+++ Dataset extract +++

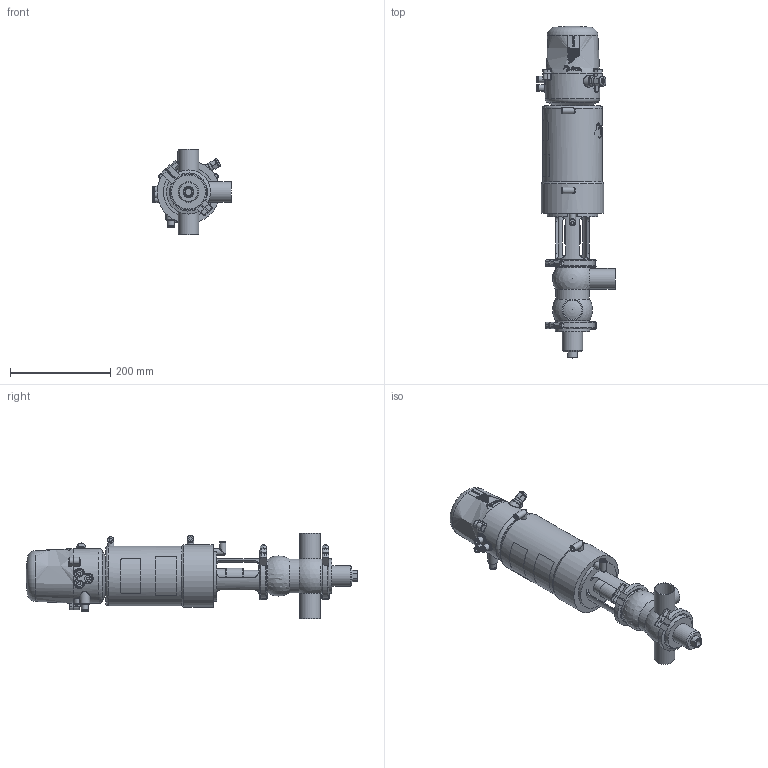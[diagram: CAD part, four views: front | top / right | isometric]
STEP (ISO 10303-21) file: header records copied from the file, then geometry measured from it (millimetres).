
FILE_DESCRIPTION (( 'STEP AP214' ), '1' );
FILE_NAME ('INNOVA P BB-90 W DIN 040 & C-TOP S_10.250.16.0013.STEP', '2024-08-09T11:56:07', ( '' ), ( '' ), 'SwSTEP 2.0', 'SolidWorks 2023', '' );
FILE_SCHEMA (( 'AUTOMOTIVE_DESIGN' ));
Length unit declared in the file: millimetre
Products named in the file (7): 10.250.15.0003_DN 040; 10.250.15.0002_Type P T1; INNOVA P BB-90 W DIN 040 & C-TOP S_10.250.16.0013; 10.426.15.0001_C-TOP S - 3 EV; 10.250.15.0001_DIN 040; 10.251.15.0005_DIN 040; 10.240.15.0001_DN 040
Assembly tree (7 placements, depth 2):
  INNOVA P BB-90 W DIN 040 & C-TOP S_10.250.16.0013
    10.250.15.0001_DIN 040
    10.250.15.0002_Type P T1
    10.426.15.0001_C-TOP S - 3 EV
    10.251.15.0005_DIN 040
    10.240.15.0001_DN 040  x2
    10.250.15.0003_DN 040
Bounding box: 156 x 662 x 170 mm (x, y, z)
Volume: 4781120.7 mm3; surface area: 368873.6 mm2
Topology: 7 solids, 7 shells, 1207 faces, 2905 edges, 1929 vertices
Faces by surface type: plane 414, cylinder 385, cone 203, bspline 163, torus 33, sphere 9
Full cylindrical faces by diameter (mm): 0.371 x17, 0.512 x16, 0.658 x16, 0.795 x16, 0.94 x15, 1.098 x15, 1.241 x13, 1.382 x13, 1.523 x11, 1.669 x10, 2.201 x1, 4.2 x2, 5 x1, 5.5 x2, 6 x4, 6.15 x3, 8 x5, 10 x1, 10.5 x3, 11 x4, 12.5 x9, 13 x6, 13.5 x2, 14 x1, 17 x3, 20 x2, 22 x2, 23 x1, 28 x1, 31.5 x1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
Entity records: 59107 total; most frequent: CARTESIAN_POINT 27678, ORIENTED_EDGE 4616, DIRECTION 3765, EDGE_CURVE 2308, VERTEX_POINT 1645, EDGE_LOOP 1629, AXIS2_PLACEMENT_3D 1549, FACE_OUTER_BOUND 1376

+++

◆ Task requirements:
Return only the lines between the one holding "FILE_DESCRIPTION (( 'STEP AP214' ), '1' );" and the one holding "Volume: 4781120.7 mm3;", inclusive, exactly as they appear above.

◆ Answer to the problem:
FILE_DESCRIPTION (( 'STEP AP214' ), '1' );
FILE_NAME ('INNOVA P BB-90 W DIN 040 & C-TOP S_10.250.16.0013.STEP', '2024-08-09T11:56:07', ( '' ), ( '' ), 'SwSTEP 2.0', 'SolidWorks 2023', '' );
FILE_SCHEMA (( 'AUTOMOTIVE_DESIGN' ));
Length unit declared in the file: millimetre
Products named in the file (7): 10.250.15.0003_DN 040; 10.250.15.0002_Type P T1; INNOVA P BB-90 W DIN 040 & C-TOP S_10.250.16.0013; 10.426.15.0001_C-TOP S - 3 EV; 10.250.15.0001_DIN 040; 10.251.15.0005_DIN 040; 10.240.15.0001_DN 040
Assembly tree (7 placements, depth 2):
  INNOVA P BB-90 W DIN 040 & C-TOP S_10.250.16.0013
    10.250.15.0001_DIN 040
    10.250.15.0002_Type P T1
    10.426.15.0001_C-TOP S - 3 EV
    10.251.15.0005_DIN 040
    10.240.15.0001_DN 040  x2
    10.250.15.0003_DN 040
Bounding box: 156 x 662 x 170 mm (x, y, z)
Volume: 4781120.7 mm3; surface area: 368873.6 mm2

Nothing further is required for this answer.